» Dataset excerpts:
· · ·

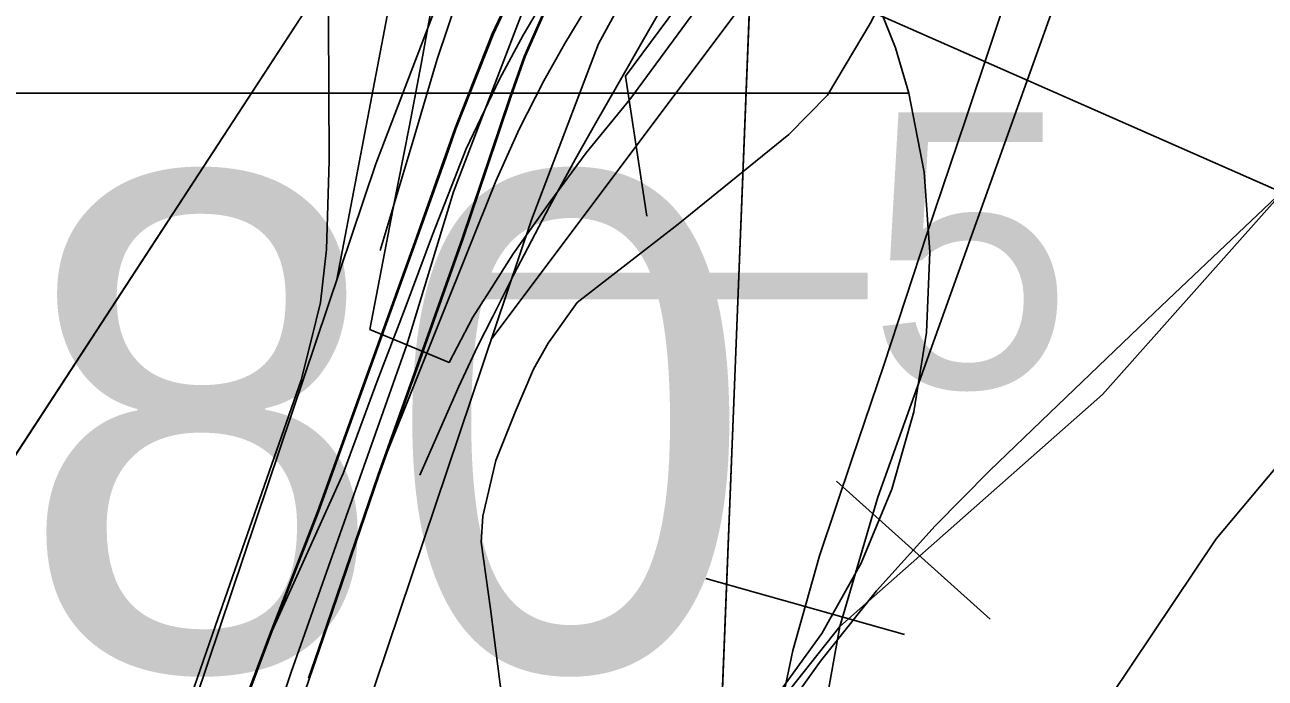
# Model space of a CAD drawing. Extents: x -132.8 to -73.3, y -60 to -26.
# Drawn here: x -121.1959 to -120.7457, y -50.9363 to -50.6991 of the extents above; entities that cross this region are included whole.
import ezdxf

# ---------------------------------------------------------------- set-up
doc = ezdxf.new("R2010")
doc.units = 0
for name, color, linetype in [('tdCoCityStreetMajor', 7, 'Continuous'), ('tdCoCityStreetMinor', 7, 'Continuous'), ('tdCoDivCarto', 7, 'Continuous'), ('tdCoHydroRiver', 7, 'Continuous'), ('tdCoInt', 7, 'Continuous'), ('tdCoIntCL', 7, 'Continuous'), ('tdCoIntRamp', 7, 'Continuous'), ('tdCoIntRte', 7, 'Continuous'), ('tdCoPipe', 7, 'Continuous'), ('tdCoPrimary', 7, 'Continuous'), ('tdCoPropPend', 7, 'Continuous'), ('tdCoRRCL', 7, 'Continuous'), ('tdCoSectLine', 7, 'Continuous'), ('tdCoShieldInt', 7, 'Continuous'), ('tdCoStrucDivPri', 7, 'Continuous'), ('tdCoStrucPriMaintName', 7, 'Continuous'), ('tdCoTwpBndryShd', 7, 'Continuous'), ('tdStHwyIntRefPost1', 7, 'Continuous'), ('tdStHwyIntRefPost5', 7, 'Continuous')]:
    doc.layers.add(name, color=color, linetype=linetype)

msp = doc.modelspace()

# ---------------------------------------------------------------- linework, layer by layer
at = {"layer": 'tdCoCityStreetMajor'}
msp.add_lwpolyline([(-121.19741, -51.04041), (-121.18632, -51.03745), (-121.17769, -51.03276), (-121.16881, -51.02561), (-121.16338, -51.01821), (-121.15845, -51.00884), (-121.12688, -50.9176), (-121.09557, -50.82808), (-121.09187, -50.81328), (-121.08866, -50.79997), (-121.08644, -50.78073), (-121.08545, -50.74843), (-121.0857, -50.69738), (-121.08575, -50.67479), (-121.08583, -50.63867)], dxfattribs=at)
at = {"layer": 'tdCoCityStreetMinor'}
msp.add_lwpolyline([(-121.05682, -51.04467), (-121.05151, -51.04476), (-121.03992, -51.04451), (-121.03548, -51.04353), (-121.03203, -51.04131), (-121.02956, -51.03761), (-121.01896, -50.99717), (-121.01649, -50.98582), (-121.0155, -50.97275), (-121.0229, -50.94242), (-121.02685, -50.9111), (-121.03027, -50.88696), (-121.02973, -50.87751), (-121.02492, -50.85731), (-121.01797, -50.83971), (-121.01126, -50.82408), (-121.00598, -50.81469), (-120.99546, -50.79993), (-120.95878, -50.77152), (-120.91859, -50.73897), (-120.90453, -50.72467), (-120.88875, -50.69803), (-120.88416, -50.68855), (-120.88103, -50.68209)], dxfattribs=at)
at = {"layer": 'tdCoDivCarto'}
for p, q in [((-121.01502, -50.67922), (-121.02587, -50.70241)), ((-121.02587, -50.70241), (-121.03944, -50.73693)), ((-121.03944, -50.73693), (-121.04317, -50.74743)), ((-121.04317, -50.74743), (-121.05399, -50.77787)), ((-121.04317, -50.74743), (-121.05399, -50.77787)), ((-121.05399, -50.77787), (-121.08929, -50.87598)), ((-121.06739, -50.86278), (-121.06436, -50.85427)), ((-121.0891, -50.9262), (-121.06739, -50.86278)), ((-121.08929, -50.87598), (-121.10609, -50.91914)), ((-121.10609, -50.91914), (-121.12148, -50.95998)), ((-121.09258, -50.93633), (-121.0891, -50.9262))]:
    msp.add_line(p, q, dxfattribs=at)
for points in [[(-120.99155, -50.64052), (-121.00294, -50.65728), (-121.00504, -50.66109), (-121.01502, -50.67922), (-121.02587, -50.70241), (-121.03944, -50.73693), (-121.05399, -50.77787)], [(-120.99155, -50.64052), (-121.00294, -50.65728), (-121.00504, -50.66109), (-121.01502, -50.67922), (-121.02587, -50.70241), (-121.03944, -50.73693), (-121.04317, -50.74743)], [(-120.99155, -50.64052), (-121.00294, -50.65728), (-121.00504, -50.66109), (-121.01502, -50.67922), (-121.02587, -50.70241), (-121.03944, -50.73693), (-121.04317, -50.74743)], [(-121.02823, -50.75122), (-121.01954, -50.72542), (-121.01436, -50.71063), (-121.00573, -50.69114), (-120.99242, -50.66772), (-120.99233, -50.66758), (-120.97959, -50.64799), (-120.97132, -50.63628)], [(-121.02823, -50.75122), (-121.01954, -50.72542), (-121.01436, -50.71063), (-121.00573, -50.69114), (-120.99242, -50.66772), (-120.99233, -50.66758), (-120.97959, -50.64799), (-120.97132, -50.63628)], [(-121.04317, -50.74743), (-121.05399, -50.77787)], [(-121.05121, -50.81726), (-121.03681, -50.77672), (-121.02823, -50.75122)], [(-121.05121, -50.81726), (-121.03681, -50.77672), (-121.02823, -50.75122)], [(-121.05399, -50.77787), (-121.08929, -50.87598), (-121.10609, -50.91914), (-121.12148, -50.95998), (-121.12653, -50.97268)], [(-121.05399, -50.77787), (-121.08929, -50.87598), (-121.10609, -50.91914), (-121.12148, -50.95998), (-121.12653, -50.97268)], [(-121.05399, -50.77787), (-121.08929, -50.87598), (-121.10609, -50.91914), (-121.12148, -50.95998), (-121.12653, -50.97268)], [(-121.09258, -50.93633), (-121.0891, -50.9262), (-121.06739, -50.86278), (-121.05126, -50.81739)], [(-121.09258, -50.93633), (-121.0891, -50.9262), (-121.06739, -50.86278), (-121.05126, -50.81739)], [(-121.05126, -50.81739), (-121.05121, -50.81726)], [(-121.05126, -50.81739), (-121.05121, -50.81726)], [(-121.09258, -50.93633), (-121.0891, -50.9262), (-121.06739, -50.86278), (-121.06436, -50.85427)], [(-121.10678, -50.97779), (-121.09258, -50.93633)]]:
    msp.add_lwpolyline(points, dxfattribs=at)
at = {"layer": 'tdCoHydroRiver'}
msp.add_lwpolyline([(-120.62129, -50.23482), (-120.66387, -50.29205), (-120.68547, -50.33249), (-120.69271, -50.36701), (-120.74234, -50.51082), (-120.74727, -50.57695), (-120.74322, -50.6023), (-120.73046, -50.6563), (-120.68718, -50.74897), (-120.68474, -50.77586), (-120.69496, -50.80398), (-120.76345, -50.88576), (-120.89334, -51.07947), (-120.93264, -51.13206), (-121.03358, -51.36442), (-121.05838, -51.40636), (-121.13194, -51.50061), (-121.14021, -51.51459)], dxfattribs=at)
at = {"layer": 'tdCoInt'}
for points in [[(-121.21127, -51.14554), (-121.18794, -51.09735), (-121.17304, -51.06038), (-121.06853, -50.74956), (-121.04228, -50.68086), (-121.02311, -50.6455), (-120.98466, -50.59329), (-120.94888, -50.55555), (-120.90435, -50.52037), (-120.81745, -50.47535), (-120.72293, -50.42871), (-120.67391, -50.40665), (-120.63035, -50.37889), (-120.60403, -50.3578), (-120.56019, -50.31461), (-120.4143, -50.14846), (-120.37886, -50.10055), (-120.23496, -49.87826), (-120.1593, -49.75622)], [(-121.22871, -51.25845), (-121.18629, -51.21487), (-121.15929, -51.17587), (-121.13304, -51.12166), (-121.11667, -51.08102), (-121.01207, -50.76987), (-120.98765, -50.70598), (-120.97234, -50.67774), (-120.93856, -50.63186), (-120.90761, -50.59922), (-120.87202, -50.57109), (-120.75707, -50.51246), (-120.69796, -50.48331), (-120.64527, -50.45943), (-120.59493, -50.42739), (-120.56411, -50.4027), (-120.5165, -50.3558), (-120.36757, -50.18618), (-120.32931, -50.13446), (-120.18498, -49.91147), (-120.10937, -49.78952)]]:
    msp.add_lwpolyline(points, dxfattribs=at)
at = {"layer": 'tdCoIntCL'}
for points in [[(-120.82479, -50.51314), (-120.83171, -50.50111), (-120.85247, -50.50949), (-120.88553, -50.52391), (-120.91264, -50.53727), (-120.93552, -50.54967), (-120.9683, -50.57053), (-121.01568, -50.60283), (-121.03164, -50.6159), (-121.03366, -50.62119), (-121.03683, -50.63474), (-121.04135, -50.65742), (-121.04664, -50.68338), (-121.05212, -50.71337), (-121.05635, -50.73567), (-121.0624, -50.76633), (-121.07067, -50.80968), (-121.05721, -50.81526)], [(-121.05721, -50.81526), (-121.0403, -50.75971), (-121.01497, -50.69342), (-120.99772, -50.66162), (-120.98544, -50.64494), (-120.97654, -50.63286), (-120.96161, -50.61258), (-120.92824, -50.57739), (-120.90894, -50.56105), (-120.88818, -50.54573), (-120.85405, -50.52712), (-120.83372, -50.51785)], [(-121.05721, -50.81526), (-121.04193, -50.8217), (-121.03337, -50.80526), (-121.02732, -50.79584), (-121.01866, -50.78229), (-121.0054, -50.76355), (-120.99223, -50.74557), (-120.97637, -50.72625), (-120.93994, -50.67665), (-120.93574, -50.66972), (-120.92879, -50.65915), (-120.92254, -50.64868), (-120.90005, -50.6159), (-120.88467, -50.5936), (-120.87198, -50.57553), (-120.86009, -50.56108), (-120.84578, -50.54703), (-120.83391, -50.53794), (-120.8263, -50.53214), (-120.83372, -50.51785)], [(-121.58164, -51.43176), (-121.44511, -51.35933), (-121.41596, -51.3445), (-121.34635, -51.30515), (-121.3017, -51.2782), (-121.24888, -51.23616), (-121.20954, -51.19574), (-121.18528, -51.16071), (-121.16049, -51.10951), (-121.14486, -51.0707), (-121.136, -51.04389), (-121.12775, -51.01892), (-121.12384, -51.0071), (-121.09922, -50.93419), (-121.05721, -50.81526)]]:
    msp.add_lwpolyline(points, dxfattribs=at)
at = {"layer": 'tdCoIntRamp'}
for points in [[(-121.04597, -50.60833), (-121.05224, -50.63167), (-121.08268, -50.79163)], [(-121.02675, -50.81354), (-120.92718, -50.68061), (-120.92553, -50.67458)]]:
    msp.add_lwpolyline(points, dxfattribs=at)
at = {"layer": 'tdCoIntRte'}
for points in [[(-120.73378, -50.459), (-120.76584, -50.47306), (-120.79164, -50.48669), (-120.8228, -50.50315), (-120.82831, -50.50578), (-120.85116, -50.51671), (-120.88519, -50.53693), (-120.90196, -50.54754), (-120.92539, -50.56554), (-120.94438, -50.58329), (-120.96016, -50.59908), (-120.97471, -50.61659), (-120.98088, -50.62494), (-120.98655, -50.63262), (-120.99193, -50.64052), (-121.00332, -50.65728), (-121.00542, -50.66109), (-121.0154, -50.67922), (-121.02625, -50.70241), (-121.03982, -50.73693), (-121.05436, -50.77787), (-121.08967, -50.87598), (-121.10647, -50.91914), (-121.12186, -50.95998)], [(-120.73378, -50.459), (-120.76584, -50.47306), (-120.79164, -50.48669), (-120.8228, -50.50315), (-120.82831, -50.50578), (-120.85116, -50.51671), (-120.88519, -50.53693), (-120.90196, -50.54754), (-120.92539, -50.56554), (-120.94438, -50.58329), (-120.96016, -50.59908), (-120.97471, -50.61659), (-120.98088, -50.62494), (-120.98655, -50.63262), (-120.99193, -50.64052), (-121.00332, -50.65728), (-121.00542, -50.66109), (-121.0154, -50.67922), (-121.02625, -50.70241), (-121.03982, -50.73693), (-121.05436, -50.77787), (-121.08967, -50.87598), (-121.10647, -50.91914), (-121.12186, -50.95998)], [(-121.09295, -50.93633), (-121.08948, -50.9262), (-121.06776, -50.86278), (-121.05159, -50.81726), (-121.03718, -50.77672), (-121.01992, -50.72542), (-121.01474, -50.71063), (-121.00611, -50.69114)], [(-121.09295, -50.93633), (-121.08948, -50.9262), (-121.06776, -50.86278), (-121.05159, -50.81726), (-121.03718, -50.77672), (-121.01992, -50.72542), (-121.01474, -50.71063), (-121.00611, -50.69114)]]:
    msp.add_lwpolyline(points, dxfattribs=at)
at = {"layer": 'tdCoPipe'}
for points in [[(-119.79665, -53.49603), (-120.03098, -53.27088), (-120.31929, -53.03672), (-120.68529, -52.8785), (-121.0012, -52.82656), (-121.49047, -52.40565), (-121.39982, -51.55717), (-121.23691, -50.91275), (-120.91445, -50.41851), (-120.40095, -49.58835), (-120.25565, -49.23166), (-120.19476, -48.57334), (-120.22335, -47.97882), (-119.95841, -47.76157), (-119.94709, -47.38436)], [(-121.23022, -50.9025), (-121.06556, -50.65013)]]:
    msp.add_lwpolyline(points, dxfattribs=at)
at = {"layer": 'tdCoPrimary'}
msp.add_line((-121.04317, -50.74743), (-121.05399, -50.77787), dxfattribs=at)
msp.add_line((-121.04317, -50.74743), (-121.05399, -50.77787), dxfattribs=at)
for points in [[(-121.09258, -50.93633), (-121.0891, -50.9262), (-121.06739, -50.86278), (-121.06436, -50.85427), (-121.02501, -50.75591), (-121.01646, -50.73697), (-121.00758, -50.71949), (-120.99996, -50.70594), (-120.98957, -50.68858), (-120.97446, -50.66752), (-120.95736, -50.645), (-120.94355, -50.62922), (-120.93155, -50.61705), (-120.92382, -50.60982), (-120.9047, -50.59175), (-120.88548, -50.57638), (-120.86333, -50.56055), (-120.83021, -50.54073), (-120.79305, -50.52264), (-120.73748, -50.49601)], [(-121.06436, -50.85427), (-121.02501, -50.75591), (-121.01646, -50.73697), (-121.00758, -50.71949), (-120.99996, -50.70594), (-120.98957, -50.68858), (-120.97446, -50.66752), (-120.95736, -50.645), (-120.94355, -50.62922), (-120.93155, -50.61705), (-120.92382, -50.60982), (-120.9047, -50.59175), (-120.88548, -50.57638), (-120.86333, -50.56055), (-120.83021, -50.54073), (-120.79305, -50.52264), (-120.73748, -50.49601)], [(-121.06436, -50.85427), (-121.02501, -50.75591), (-121.01646, -50.73697), (-121.00758, -50.71949), (-120.99996, -50.70594), (-120.98957, -50.68858), (-120.97446, -50.66752), (-120.95736, -50.645), (-120.94355, -50.62922), (-120.93155, -50.61705), (-120.92382, -50.60982), (-120.9047, -50.59175), (-120.88548, -50.57638), (-120.86333, -50.56055), (-120.83021, -50.54073), (-120.79305, -50.52264), (-120.73748, -50.49601)], [(-120.99155, -50.64052), (-121.00294, -50.65728), (-121.00504, -50.66109), (-121.01502, -50.67922), (-121.02587, -50.70241), (-121.03944, -50.73693), (-121.04317, -50.74743)], [(-120.99155, -50.64052), (-121.00294, -50.65728), (-121.00504, -50.66109), (-121.01502, -50.67922), (-121.02587, -50.70241), (-121.03944, -50.73693), (-121.04317, -50.74743)], [(-121.01502, -50.67922), (-121.02587, -50.70241), (-121.03944, -50.73693), (-121.04317, -50.74743), (-121.05399, -50.77787), (-121.08929, -50.87598), (-121.10609, -50.91914), (-121.12148, -50.95998)], [(-121.05399, -50.77787), (-121.08929, -50.87598), (-121.10609, -50.91914), (-121.12148, -50.95998), (-121.12653, -50.97268)], [(-121.05399, -50.77787), (-121.08929, -50.87598), (-121.10609, -50.91914), (-121.12148, -50.95998), (-121.12653, -50.97268)], [(-121.09258, -50.93633), (-121.0891, -50.9262), (-121.06739, -50.86278), (-121.06436, -50.85427)], [(-121.09258, -50.93633), (-121.0891, -50.9262), (-121.06739, -50.86278), (-121.06436, -50.85427)]]:
    msp.add_lwpolyline(points, dxfattribs=at)
at = {"layer": 'tdCoPropPend'}
for p, q in [((-120.97137, -50.70442), (-120.9498, -50.66701)), ((-121.03687, -50.68352), (-121.04624, -50.71163)), ((-121.00599, -50.68756), (-121.01507, -50.70289)), ((-121.01507, -50.70289), (-121.02362, -50.71884)), ((-120.98064, -50.72077), (-120.97137, -50.70442)), ((-121.04624, -50.71163), (-121.05499, -50.74109)), ((-121.02362, -50.71884), (-121.03579, -50.74416)), ((-120.98919, -50.7355), (-120.98064, -50.72077)), ((-120.99607, -50.74783), (-120.98919, -50.7355)), ((-121.05499, -50.74109), (-121.06699, -50.7811)), ((-121.03579, -50.74416), (-121.04796, -50.7754)), ((-121.00554, -50.76504), (-120.99607, -50.74783)), ((-121.0185, -50.78997), (-121.00554, -50.76504)), ((-121.04796, -50.7754), (-121.05782, -50.80203)), ((-121.02606, -50.80501), (-121.0185, -50.78997)), ((-121.05782, -50.80203), (-121.06801, -50.8285)), ((-121.03157, -50.81594), (-121.02606, -50.80501)), ((-121.03836, -50.83045), (-121.03157, -50.81594)), ((-121.06801, -50.8285), (-121.08041, -50.86199)), ((-121.0526, -50.86258), (-121.03836, -50.83045)), ((-121.08041, -50.86199), (-121.10609, -50.91914))]:
    msp.add_line(p, q, dxfattribs=at)
at = {"layer": 'tdCoRRCL'}
for p, q in [((-120.75693, -50.50955), (-120.88629, -50.87062)), ((-120.90131, -50.86474), (-120.84554, -50.91489)), ((-120.88629, -50.87062), (-120.90014, -50.91758)), ((-120.88629, -50.87062), (-120.90014, -50.91758)), ((-120.94875, -50.90012), (-120.87658, -50.92051)), ((-120.90014, -50.91758), (-120.90938, -50.96941)), ((-120.90014, -50.91758), (-120.90938, -50.96941))]:
    msp.add_line(p, q, dxfattribs=at)
for points in [[(-120.90014, -50.91758), (-120.80482, -50.8333), (-120.69913, -50.71459), (-120.38749, -50.3671), (-120.27515, -50.19914), (-119.95857, -49.75638), (-119.76019, -49.4486), (-119.624, -49.31017), (-119.6013, -49.2871), (-119.53026, -49.22585), (-119.46076, -49.16298), (-119.40286, -49.1219), (-119.33353, -49.06534), (-119.1714, -48.90077), (-118.98751, -48.68786), (-118.88892, -48.59894), (-118.66302, -48.40922), (-118.39059, -48.19074)], [(-120.03593, -49.77619), (-120.06868, -49.81919), (-120.11059, -49.87226), (-120.25191, -50.11133), (-120.39293, -50.31347), (-120.58395, -50.53757), (-120.60975, -50.57764), (-120.63464, -50.61479), (-120.65074, -50.64004), (-120.67192, -50.67277), (-120.69194, -50.70172), (-120.71108, -50.72681), (-120.74159, -50.76153), (-120.78107, -50.79896), (-120.78871, -50.8062), (-120.82392, -50.84002), (-120.8458, -50.8611), (-120.8655, -50.88099), (-120.88678, -50.90467), (-120.90707, -50.93013), (-120.92247, -50.95166)], [(-120.92247, -50.95166), (-120.91717, -50.92627), (-120.90747, -50.89193), (-120.89568, -50.85654), (-120.88414, -50.82272), (-120.86841, -50.77475), (-120.85452, -50.73359), (-120.83669, -50.68038), (-120.81179, -50.60882), (-120.80313, -50.5834), (-120.7958, -50.56189), (-120.76889, -50.48318), (-120.76094, -50.45992), (-120.73285, -50.37851), (-120.71978, -50.34065), (-120.71191, -50.31574), (-120.70117, -50.28612), (-120.69199, -50.26384), (-120.676, -50.22871), (-120.65896, -50.19385), (-120.62305, -50.13087), (-120.58661, -50.06697), (-120.50194, -49.92279), (-120.41884, -49.78228)], [(-120.41884, -49.78228), (-120.50194, -49.92279), (-120.58661, -50.06697), (-120.62305, -50.13087), (-120.65896, -50.19385), (-120.676, -50.22871), (-120.69199, -50.26384), (-120.70117, -50.28612), (-120.71191, -50.31574), (-120.71978, -50.34065), (-120.73285, -50.37851), (-120.76094, -50.45992), (-120.76889, -50.48318), (-120.7958, -50.56189), (-120.80313, -50.5834), (-120.81179, -50.60882), (-120.83669, -50.68038), (-120.85452, -50.73359), (-120.86841, -50.77475), (-120.88414, -50.82272), (-120.89568, -50.85654), (-120.90747, -50.89193), (-120.91717, -50.92627), (-120.92247, -50.95166)], [(-120.92247, -50.95166), (-120.90707, -50.93013), (-120.88678, -50.90467), (-120.8655, -50.88099), (-120.8458, -50.8611), (-120.82392, -50.84002), (-120.78871, -50.8062), (-120.78107, -50.79896), (-120.74159, -50.76153), (-120.71108, -50.72681), (-120.69194, -50.70172), (-120.67192, -50.67277), (-120.65074, -50.64004), (-120.63464, -50.61479), (-120.60975, -50.57764), (-120.58395, -50.53757), (-120.56346, -50.50628), (-120.52705, -50.44882), (-120.4974, -50.40308), (-120.48277, -50.38167), (-120.45788, -50.34306)], [(-120.90014, -50.91758), (-120.9491, -50.97941), (-120.97307, -51.05136), (-121.02586, -51.19987), (-121.06514, -51.31401), (-121.11265, -51.38061), (-121.18531, -51.4434)], [(-120.90014, -50.91758), (-120.9491, -50.97941), (-120.97307, -51.05136), (-121.02586, -51.19987), (-121.06514, -51.31401), (-121.11265, -51.38061), (-121.18531, -51.4434)]]:
    msp.add_lwpolyline(points, dxfattribs=at)
at = {"layer": 'tdCoSectLine'}
msp.add_lwpolyline([(-120.95707, -51.30108), (-120.93809, -50.82388), (-120.91911, -50.34667)], dxfattribs=at)
at = {"layer": 'tdCoShieldInt'}
msp.add_line((-121.25593, -50.72397), (-120.87854, -50.72397), dxfattribs=at)
msp.add_lwpolyline([(-121.25913, -50.72397), (-121.25029, -50.69617), (-121.23827, -50.6696), (-121.22324, -50.64461), (-121.21303, -50.63075), (-121.18469, -50.63763), (-121.15574, -50.64116), (-121.12658, -50.64128), (-121.0976, -50.63801), (-121.0671, -50.63075), (-121.03876, -50.63763), (-121.00982, -50.64116), (-120.98065, -50.64128), (-120.95167, -50.63801), (-120.92118, -50.63075), (-120.90446, -50.65464), (-120.89064, -50.68032), (-120.8799, -50.70744), (-120.87508, -50.72397)], close=True, dxfattribs=at)
for points in [[(-121.21303, -50.63075), (-121.18469, -50.63763), (-121.15574, -50.64116), (-121.12658, -50.64128), (-121.0976, -50.63801), (-121.0671, -50.63075), (-121.03876, -50.63763), (-121.00982, -50.64116), (-120.98065, -50.64128), (-120.95167, -50.63801), (-120.92118, -50.63075), (-120.90446, -50.65464), (-120.89064, -50.68032), (-120.8799, -50.70744), (-120.87508, -50.72397), (-120.86954, -50.7526), (-120.86738, -50.78168), (-120.86863, -50.81082), (-120.87326, -50.83961), (-120.88122, -50.86767), (-120.8924, -50.8946), (-120.90664, -50.92005), (-120.92375, -50.94367)], [(-121.25913, -50.72397), (-120.87508, -50.72397), (-120.86954, -50.7526), (-120.86738, -50.78168), (-120.86863, -50.81082), (-120.87326, -50.83961), (-120.88122, -50.86767), (-120.8924, -50.8946), (-120.90664, -50.92005), (-120.92375, -50.94367), (-120.9435, -50.96513), (-120.96561, -50.98414), (-120.9898, -51.00044), (-121.01571, -51.01381), (-121.04301, -51.02407), (-121.0671, -51.03025), (-121.09529, -51.02276), (-121.12241, -51.01203), (-121.14809, -50.99822), (-121.17199, -50.9815), (-121.19377, -50.96211), (-121.21315, -50.94032)]]:
    msp.add_lwpolyline(points, dxfattribs=at)
at = {"layer": 'tdCoStrucDivPri'}
for p, q in [((-120.91542, -50.63289), (-120.97788, -50.71772)), ((-120.97788, -50.71772), (-120.97014, -50.76857))]:
    msp.add_line(p, q, dxfattribs=at)
at = {"layer": 'tdCoStrucPriMaintName'}
msp.add_line((-120.5661, -50.83639), (-120.92223, -50.67948), dxfattribs=at)
at = {"layer": 'tdCoTwpBndryShd'}
msp.add_lwpolyline([(-122.06359, -55.27827), (-122.03223, -55.27864), (-121.07675, -55.30969), (-121.05003, -54.29547), (-121.01456, -53.29268), (-121.01115, -53.1722), (-121.00063, -52.80087), (-120.98644, -52.29987), (-120.95707, -51.30108), (-120.93809, -50.82388), (-120.91911, -50.34667), (-120.89993, -49.84653), (-120.88076, -49.34639), (-120.88334, -48.34969), (-120.84389, -47.35854), (-120.84385, -47.34845), (-120.82083, -46.35535), (-120.79273, -45.36236), (-120.75071, -44.39009)], dxfattribs=at)

# ---------------------------------------------------------------- texts
at = {"layer": 'tdCoShieldInt'}
msp.add_text('80', height=0.18, dxfattribs=at).set_placement((-121.19855, -50.93327))
at = {"layer": 'tdStHwyIntRefPost1'}
msp.add_text('‒‒5', height=0.1, dxfattribs=at).set_placement((-121.03865, -50.83083))
at = {"layer": 'tdStHwyIntRefPost5'}
msp.add_text('‒‒5', height=0.1, dxfattribs=at).set_placement((-121.03865, -50.83083))

doc.saveas('drawing.dxf')

· · ·

» Task details: Print the data exactly, from its first line to the line containing "doc.units = 0", both included. Omit the pictures.

» Response to the task:
# Model space of a CAD drawing. Extents: x -132.8 to -73.3, y -60 to -26.
# Drawn here: x -121.1959 to -120.7457, y -50.9363 to -50.6991 of the extents above; entities that cross this region are included whole.
import ezdxf

# ---------------------------------------------------------------- set-up
doc = ezdxf.new("R2010")
doc.units = 0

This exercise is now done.